Tuesday, March 13, 2007

Some in the weekend media described the federal appeals court in Washington DC as interpreting the Second Amendment “broadly” when it struck down a gun control law in the District of Columbia that bars residents from keeping handguns in their homes. “The decision was the first from a federal appeals court to hold a gun control law unconstitutional on the ground that the Second Amendment protects the rights of individuals, as opposed to the collective rights of state militias.”, NY Times 3/10/07.
This characterization is untrue at the most, misleading at the least and tendentious either way. Here’s why:

The federal courts of appeal have often (a more suitable description of the Federal Appellate Court’s rulings so far) subscribed to the states' right approach, instead of to the individual right approach. However, they also have not agreed upon any single interpretation of the Second Amendment. The Fifth and Ninth circuits have shown different judicial thinking, tending to favor the individual and collective rights models respectively. Most (more suitable than to describe the ruling as “the first”) circuits have followed the Ninth's reading, despite these inconsistencies among the lower courts, the Supreme Court has not granted certiorari to any recent case hinging on the Second Amendment

The United States Court of Appeals for the Fifth Circuit stated in 2001 that ”there are numerous instances of the phrase "bear arms" being used to describe a civilian's carrying of arms. Early constitutional provisions or declarations of rights in at least some ten different states speak of the right of the "people" [or "citizen" or "citizens"] "to bear arms in defense of themselves [or "himself"] and the state," or equivalent words, thus indisputably reflecting that under common usage "bear arms" was in no sense restricted to bearing arms in military service.
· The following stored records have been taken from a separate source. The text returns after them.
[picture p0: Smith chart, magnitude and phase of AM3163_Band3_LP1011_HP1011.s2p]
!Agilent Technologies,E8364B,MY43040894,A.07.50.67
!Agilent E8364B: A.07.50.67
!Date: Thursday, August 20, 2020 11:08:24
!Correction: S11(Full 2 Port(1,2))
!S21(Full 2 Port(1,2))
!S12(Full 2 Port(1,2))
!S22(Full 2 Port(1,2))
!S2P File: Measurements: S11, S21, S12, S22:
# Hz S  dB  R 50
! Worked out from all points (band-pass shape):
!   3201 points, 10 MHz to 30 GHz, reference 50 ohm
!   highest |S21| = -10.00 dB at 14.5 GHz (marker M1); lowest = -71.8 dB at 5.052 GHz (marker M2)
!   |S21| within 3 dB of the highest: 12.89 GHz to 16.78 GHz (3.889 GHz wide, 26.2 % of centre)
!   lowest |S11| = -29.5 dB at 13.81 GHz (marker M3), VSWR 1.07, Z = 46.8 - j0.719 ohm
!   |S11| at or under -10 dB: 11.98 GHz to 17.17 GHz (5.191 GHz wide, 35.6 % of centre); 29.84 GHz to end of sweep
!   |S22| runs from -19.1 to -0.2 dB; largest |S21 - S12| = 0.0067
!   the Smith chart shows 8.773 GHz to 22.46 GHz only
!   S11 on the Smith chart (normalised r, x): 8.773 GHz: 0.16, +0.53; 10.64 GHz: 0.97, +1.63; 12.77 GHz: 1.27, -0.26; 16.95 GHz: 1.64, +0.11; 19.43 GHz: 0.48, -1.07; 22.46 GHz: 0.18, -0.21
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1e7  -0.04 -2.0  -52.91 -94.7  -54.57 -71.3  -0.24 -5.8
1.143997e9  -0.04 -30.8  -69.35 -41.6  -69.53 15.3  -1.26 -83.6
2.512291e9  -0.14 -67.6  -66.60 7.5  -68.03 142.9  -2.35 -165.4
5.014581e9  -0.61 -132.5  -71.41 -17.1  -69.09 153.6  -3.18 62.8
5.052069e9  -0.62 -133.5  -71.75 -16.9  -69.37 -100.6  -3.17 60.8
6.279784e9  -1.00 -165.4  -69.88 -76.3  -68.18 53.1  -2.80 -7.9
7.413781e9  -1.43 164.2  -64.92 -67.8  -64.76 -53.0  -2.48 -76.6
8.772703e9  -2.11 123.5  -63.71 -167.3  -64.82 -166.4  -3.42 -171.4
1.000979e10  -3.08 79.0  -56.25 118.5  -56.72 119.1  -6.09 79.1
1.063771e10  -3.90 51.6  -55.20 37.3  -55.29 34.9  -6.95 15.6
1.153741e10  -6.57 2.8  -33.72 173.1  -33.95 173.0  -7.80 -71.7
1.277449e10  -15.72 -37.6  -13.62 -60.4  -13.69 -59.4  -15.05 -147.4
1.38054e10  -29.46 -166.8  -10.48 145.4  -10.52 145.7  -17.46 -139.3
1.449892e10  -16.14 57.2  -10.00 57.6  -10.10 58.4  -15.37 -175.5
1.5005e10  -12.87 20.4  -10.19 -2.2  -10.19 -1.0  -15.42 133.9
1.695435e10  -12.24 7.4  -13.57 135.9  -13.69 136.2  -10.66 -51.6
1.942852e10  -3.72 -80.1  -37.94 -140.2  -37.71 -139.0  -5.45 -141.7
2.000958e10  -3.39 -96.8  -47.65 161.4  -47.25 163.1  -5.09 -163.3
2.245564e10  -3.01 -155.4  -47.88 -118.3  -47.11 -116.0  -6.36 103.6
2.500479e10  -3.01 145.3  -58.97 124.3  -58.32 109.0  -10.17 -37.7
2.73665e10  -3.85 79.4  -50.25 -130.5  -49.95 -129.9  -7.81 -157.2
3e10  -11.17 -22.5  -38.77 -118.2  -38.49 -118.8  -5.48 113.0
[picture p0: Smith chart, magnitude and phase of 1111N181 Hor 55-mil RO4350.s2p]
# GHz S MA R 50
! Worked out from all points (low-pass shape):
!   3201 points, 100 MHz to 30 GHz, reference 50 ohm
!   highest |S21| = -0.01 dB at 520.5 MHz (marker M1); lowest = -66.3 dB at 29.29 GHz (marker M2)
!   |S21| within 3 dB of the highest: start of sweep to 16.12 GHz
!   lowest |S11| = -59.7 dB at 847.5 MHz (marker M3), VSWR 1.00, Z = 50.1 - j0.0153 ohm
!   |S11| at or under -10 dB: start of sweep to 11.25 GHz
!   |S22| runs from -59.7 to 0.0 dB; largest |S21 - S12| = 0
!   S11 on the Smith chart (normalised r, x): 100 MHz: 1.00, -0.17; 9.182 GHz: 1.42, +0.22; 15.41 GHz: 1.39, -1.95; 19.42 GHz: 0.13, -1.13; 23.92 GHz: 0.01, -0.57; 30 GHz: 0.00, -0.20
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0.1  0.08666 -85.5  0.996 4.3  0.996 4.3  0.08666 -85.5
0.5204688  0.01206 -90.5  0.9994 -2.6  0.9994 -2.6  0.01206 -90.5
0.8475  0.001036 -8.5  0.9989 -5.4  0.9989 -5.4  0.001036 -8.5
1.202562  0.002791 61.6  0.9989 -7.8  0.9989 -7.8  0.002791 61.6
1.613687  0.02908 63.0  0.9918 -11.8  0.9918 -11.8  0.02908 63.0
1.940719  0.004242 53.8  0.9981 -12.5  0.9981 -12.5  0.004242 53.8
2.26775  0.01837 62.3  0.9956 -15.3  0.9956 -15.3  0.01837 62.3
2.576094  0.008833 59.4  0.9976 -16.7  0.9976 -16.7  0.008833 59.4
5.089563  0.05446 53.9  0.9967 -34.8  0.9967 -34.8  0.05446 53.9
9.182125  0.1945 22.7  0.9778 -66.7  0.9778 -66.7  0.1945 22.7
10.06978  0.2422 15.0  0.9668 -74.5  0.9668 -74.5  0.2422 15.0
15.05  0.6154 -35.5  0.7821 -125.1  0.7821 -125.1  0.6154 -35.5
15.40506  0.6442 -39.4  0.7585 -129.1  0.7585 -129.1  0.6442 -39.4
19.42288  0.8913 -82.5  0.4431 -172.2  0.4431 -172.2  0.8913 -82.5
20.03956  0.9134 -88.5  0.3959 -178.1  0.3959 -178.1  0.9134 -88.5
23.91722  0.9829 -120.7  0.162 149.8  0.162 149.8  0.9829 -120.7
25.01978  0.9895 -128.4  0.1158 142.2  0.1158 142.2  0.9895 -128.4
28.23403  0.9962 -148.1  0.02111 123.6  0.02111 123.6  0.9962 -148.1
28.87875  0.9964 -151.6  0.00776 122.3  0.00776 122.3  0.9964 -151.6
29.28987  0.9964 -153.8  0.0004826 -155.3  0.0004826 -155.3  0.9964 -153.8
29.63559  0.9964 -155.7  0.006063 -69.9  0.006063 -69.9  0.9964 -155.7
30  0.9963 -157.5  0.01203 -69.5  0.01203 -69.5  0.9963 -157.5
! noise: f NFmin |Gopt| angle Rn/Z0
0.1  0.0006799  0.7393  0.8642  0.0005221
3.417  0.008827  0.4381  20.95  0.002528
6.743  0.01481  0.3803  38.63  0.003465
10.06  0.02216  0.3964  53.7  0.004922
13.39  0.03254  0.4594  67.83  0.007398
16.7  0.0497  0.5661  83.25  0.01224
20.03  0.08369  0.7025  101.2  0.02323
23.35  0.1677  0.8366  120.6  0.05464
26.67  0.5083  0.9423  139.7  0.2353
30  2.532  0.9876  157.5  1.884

The U.S. Supreme Court Cases Do Not Treat the Right as a Collective Right
The U.S. Supreme Court has said little about the Second Amendment, but it has certainly not said that the Amendment secures only a collective right.
Throughout the Court's history, the Justices have mentioned the Second Amendment, usually in passing, in 27 opinions. In 22 of these 27, the Justices quoted or paraphrased only "the right of the people to keep and bear arms" language, without even mentioning the Militia Clause.
One of the remaining five cases -- and the only extended 20th-century discussion of the right -- is United States v. Miller (1939), which held that the right extended only to weapons that were rationally related to the preservation of the militia. But the Court emphatically did not hold that the right belonged only to the state or the National Guard. Rather, it reaffirmed that the "militia" referred to the entire armed citizenry, and considered on the merits a lawsuit that was brought by an individual (Miller), not by a state.
The only Supreme Court case that leans in the collective rights direction is Lewis v. United States (1980), which summarily rejected an ex-felon's claim of a right to possess a firearm, in passing citing some lower court cases that took a collective rights view. But Lewis could equally well be explained as concluding only that ex-felons don't have a right to keep and bear arms (something that's also been held in the many states whose constitutions unambiguously guarantee an individual right to keep and bear arms). In any event, if one relies on passing mentions, Casey v. Planned Parenthood (1992) (quoting Justice Harlan) in passing described liberty as including "[freedom from] the taking of property; the freedom of speech, press, and religion; the right to keep and bear arms; the freedom from unreasonable searches and seizures; and so on" -- a description that treats the right to keep and bear arms as an individual right on par with the other individual rights.

What the States Think
An often glaring omission by those discussing the topic…
The Second Amendment of the United States Constitution is a Federal provision. Each of the Fifty States also has its own State Constitution addressing their specific state. Forty-four States have chosen to embody explicitly a right to arms into their State's Constitution, and six States have chosen explicitly not to do so.
Of the forty-four states that have chosen to embody explicitly a right to arms into their State's Constitution, approximately thirty-one have explicitly chosen to include the right to arms for 'individual right', 'defense of self', 'defense of home' or similarly worded reasons. Approximately thirteen States, as with the Federal Constitution, did not choose to include explicitly 'individual', 'self' or 'home' wording associated with a right to bear arms for their specific state. In other words, almost 2/3rds of the states view the right to arms as an “individual right”.

Finally, an interesting side-note but apropos to the discussion is the book titled “Armed America: The Remarkable Story of How and Why Guns Became as American As Apple Pie” by Clayton Cramer, Nelson Publishing. Up until 1969, virtually all New York City schools had riflery teams…thousands of students carried rifles on subways, buses and streets to and from schools. Up to 1963, all commercial pilots were required to carry guns and were allowed to until 1987. Today, there are towns (Kennesawy, GA, Greenfeld and Geuda Springs, KA) in the US that actually require all residents to own guns. In colonial times there were numerous laws mandating people have guns for personal defense and defense of the community –even in Church where some priests were required by law to check if parishioners were carrying! According to probate records, 70% of Americans bequeathed guns.